When being sick is more than only that....

1/ I slowed down my speech. It helped the students to think more before responding to my answers

2/ I gave instructions and information thanks to an online prompter: http://cueprompter.com/

The funny fact is that many students who used to be reluctant in reading, were happy to develop this skill and were keen to increase the speed of their reading.

3/ I also gave them some information thanks to online readings in the target language.
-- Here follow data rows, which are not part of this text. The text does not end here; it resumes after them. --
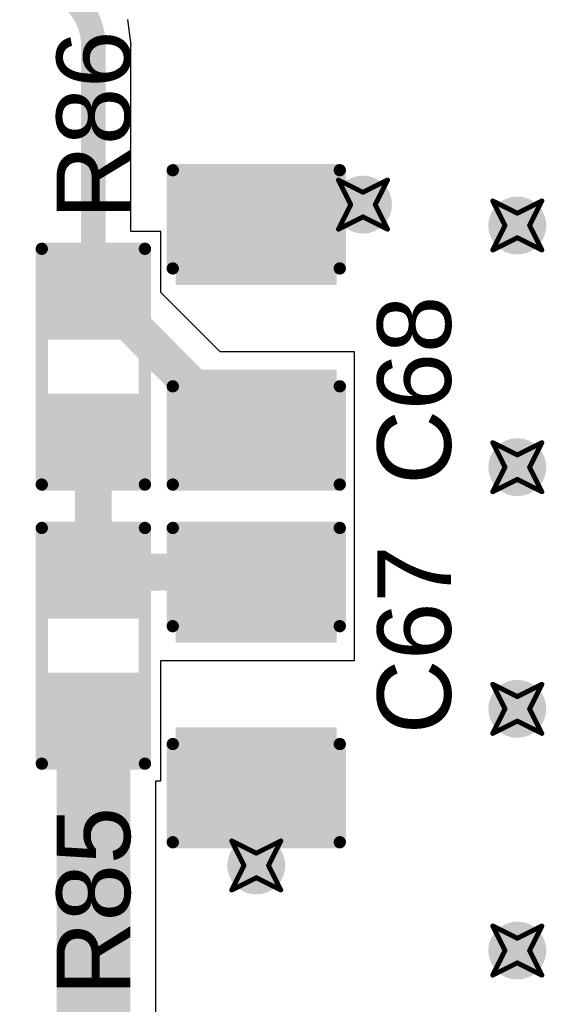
# Model space of a CAD drawing. Header units: inches. Extents: x -0.03 to 9.71, y 0 to 4.44.
# Tile 97 of 118: x 3.77 to 3.98, y 1.12 to 1.52. Entities that reach past the tile are written whole.
import ezdxf

# ---------------------------------------------------------------- set-up
doc = ezdxf.new("R2010")
doc.units = ezdxf.units.IN
doc.header["$MEASUREMENT"] = 0
for name, color, linetype in [('Bottom Layer', 5, 'Continuous'), ('Drill Drawing', 1, 'Continuous'), ('Layer 1', 16, 'Continuous'), ('Layer 2', 76, 'Continuous'), ('Top Layer', 1, 'Continuous'), ('Top Overlay', 2, 'Continuous'), ('Top Paste', 8, 'Continuous'), ('Top Solder', 216, 'Continuous'), ('Via Holes', 16, 'Continuous')]:
    doc.layers.add(name, color=color, linetype=linetype)
doc.styles.add('Arial', font='txt', dxfattribs={"height": 0.2})

# ---------------------------------------------------------------- blocks, each defined once
blk = doc.blocks.new('R___0603_17')
at = {"layer": 'Top Layer'}
for points in [[(-0.015, 0.0175), (-0.015, -0.0175), (-0.045, -0.0175), (-0.045, 0.0175)], [(0.045, 0.0175), (0.045, -0.0175), (0.015, -0.0175), (0.015, 0.0175)]]:
    blk.add_hatch(color=1, dxfattribs=at).paths.add_polyline_path(points)
at = {"layer": 'Top Paste'}
for points in [[(-0.015, 0.0175), (-0.015, -0.0175), (-0.045, -0.0175), (-0.045, 0.0175)], [(0.045, 0.0175), (0.045, -0.0175), (0.015, -0.0175), (0.015, 0.0175)]]:
    blk.add_hatch(color=8, dxfattribs=at).paths.add_polyline_path(points)
at = {"layer": 'Top Solder'}
for points in [[(-0.011, 0.0215), (-0.011, -0.0215), (-0.049, -0.0215), (-0.049, 0.0215)], [(0.049, 0.0215), (0.049, -0.0215), (0.011, -0.0215), (0.011, 0.0215)]]:
    blk.add_hatch(color=216, dxfattribs=at).paths.add_polyline_path(points)
at = {"layer": 'Top Overlay', "const_width": 0.005}
for points in [[(-0.048, 0.021), (0.048, 0.021)], [(-0.048, 0.021), (-0.048, -0.021)], [(0.048, 0.021), (0.048, -0.021)], [(-0.048, -0.021), (0.048, -0.021)]]:
    blk.add_lwpolyline(points, dxfattribs=at)
at = {"layer": 'Top Overlay', "const_width": 0.0025}
for points in [[(-0.04925, 0.021, 1), (-0.04675, 0.021, 1)], [(-0.04925, 0.021, 1), (-0.04675, 0.021, 1)], [(0.04675, 0.021, 1), (0.04925, 0.021, 1)], [(0.04675, 0.021, 1), (0.04925, 0.021, 1)], [(-0.04925, -0.021, 1), (-0.04675, -0.021, 1)], [(-0.04925, -0.021, 1), (-0.04675, -0.021, 1)], [(0.04675, -0.021, 1), (0.04925, -0.021, 1)], [(0.04675, -0.021, 1), (0.04925, -0.021, 1)]]:
    blk.add_lwpolyline(points, format="xyb", close=True, dxfattribs=at)
blk = doc.blocks.new('R___0603_18')
at = {"layer": 'Top Layer'}
for points in [[(-0.015, 0.0175), (-0.015, -0.0175), (-0.045, -0.0175), (-0.045, 0.0175)], [(0.045, 0.0175), (0.045, -0.0175), (0.015, -0.0175), (0.015, 0.0175)]]:
    blk.add_hatch(color=1, dxfattribs=at).paths.add_polyline_path(points)
at = {"layer": 'Top Paste'}
for points in [[(-0.015, 0.0175), (-0.015, -0.0175), (-0.045, -0.0175), (-0.045, 0.0175)], [(0.045, 0.0175), (0.045, -0.0175), (0.015, -0.0175), (0.015, 0.0175)]]:
    blk.add_hatch(color=8, dxfattribs=at).paths.add_polyline_path(points)
at = {"layer": 'Top Solder'}
for points in [[(-0.011, 0.0215), (-0.011, -0.0215), (-0.049, -0.0215), (-0.049, 0.0215)], [(0.049, 0.0215), (0.049, -0.0215), (0.011, -0.0215), (0.011, 0.0215)]]:
    blk.add_hatch(color=216, dxfattribs=at).paths.add_polyline_path(points)
at = {"layer": 'Top Overlay', "const_width": 0.005}
for points in [[(-0.048, 0.021), (0.048, 0.021)], [(-0.048, 0.021), (-0.048, -0.021)], [(0.048, 0.021), (0.048, -0.021)], [(-0.048, -0.021), (0.048, -0.021)]]:
    blk.add_lwpolyline(points, dxfattribs=at)
at = {"layer": 'Top Overlay', "const_width": 0.0025}
for points in [[(-0.04925, 0.021, 1), (-0.04675, 0.021, 1)], [(-0.04925, 0.021, 1), (-0.04675, 0.021, 1)], [(0.04675, 0.021, 1), (0.04925, 0.021, 1)], [(0.04675, 0.021, 1), (0.04925, 0.021, 1)], [(-0.04925, -0.021, 1), (-0.04675, -0.021, 1)], [(-0.04925, -0.021, 1), (-0.04675, -0.021, 1)], [(0.04675, -0.021, 1), (0.04925, -0.021, 1)], [(0.04675, -0.021, 1), (0.04925, -0.021, 1)]]:
    blk.add_lwpolyline(points, format="xyb", close=True, dxfattribs=at)
blk = doc.blocks.new('C___0805_134')
at = {"layer": 'Top Layer'}
for points in [[(-0.06, 0.03), (-0.02, 0.03), (-0.02, -0.03), (-0.06, -0.03)], [(0.02, 0.03), (0.06, 0.03), (0.06, -0.03), (0.02, -0.03)]]:
    blk.add_hatch(color=1, dxfattribs=at).paths.add_polyline_path(points)
at = {"layer": 'Top Paste'}
for points in [[(-0.06, 0.03), (-0.02, 0.03), (-0.02, -0.03), (-0.06, -0.03)], [(0.02, 0.03), (0.06, 0.03), (0.06, -0.03), (0.02, -0.03)]]:
    blk.add_hatch(color=8, dxfattribs=at).paths.add_polyline_path(points)
at = {"layer": 'Top Solder'}
for points in [[(-0.06276, 0.03276), (-0.01724, 0.03276), (-0.01724, -0.03276), (-0.06276, -0.03276)], [(0.01724, 0.03276), (0.06276, 0.03276), (0.06276, -0.03276), (0.01724, -0.03276)]]:
    blk.add_hatch(color=216, dxfattribs=at).paths.add_polyline_path(points)
at = {"layer": 'Top Overlay', "const_width": 0.005}
for points in [[(-0.064, 0.034), (-0.064, -0.034)], [(-0.064, 0.034), (-0.024, 0.034)], [(0.024, 0.034), (0.064, 0.034)], [(0.064, 0.034), (0.064, -0.034)], [(-0.064, -0.034), (-0.024, -0.034)], [(0.024, -0.034), (0.064, -0.034)]]:
    blk.add_lwpolyline(points, dxfattribs=at)
at = {"layer": 'Top Overlay', "const_width": 0.0025}
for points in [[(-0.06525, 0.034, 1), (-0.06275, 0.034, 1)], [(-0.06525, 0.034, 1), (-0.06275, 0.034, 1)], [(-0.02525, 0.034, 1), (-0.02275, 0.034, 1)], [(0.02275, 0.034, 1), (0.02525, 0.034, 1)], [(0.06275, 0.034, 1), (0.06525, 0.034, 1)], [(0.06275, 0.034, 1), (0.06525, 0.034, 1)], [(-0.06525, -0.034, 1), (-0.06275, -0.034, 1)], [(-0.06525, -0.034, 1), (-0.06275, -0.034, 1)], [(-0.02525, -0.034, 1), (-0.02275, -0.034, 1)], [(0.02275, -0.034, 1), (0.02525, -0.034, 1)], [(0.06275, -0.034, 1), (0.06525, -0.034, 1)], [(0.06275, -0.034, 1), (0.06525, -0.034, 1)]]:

This tool is interesting for students with dyslexia. It is available in English, French, Italian, Spanish and Arabic Languages https://www.naturalreaders.com/index.html

The fact that men and women’s voices can be chosen freely lead students to be accustomed to different speech rhythms, accents, tones and intonations.  

In conclusion, being sick can lead to great professional experiences and new discoveries….

2 thoughts on “When getting sick helps our professional practices…

  1. Bonjour Valerie. I enjoyed reading this post. A colleague here at ISU (International School of Ulaanbaatar) has recently been quite ill and this has affected his ability to speak–and sing– as he normally does. He has been quite frustrated as he teaches music and with my class in particular, is writing songs with lyrics. He can’t sing at the moment! I will pass on the cue prompter site. And you’re right about the benefits of slowing down the speech. Many of our students at ISU have Mongolian as their first language, so adjusting our rate helps their processing indeed. Thanks!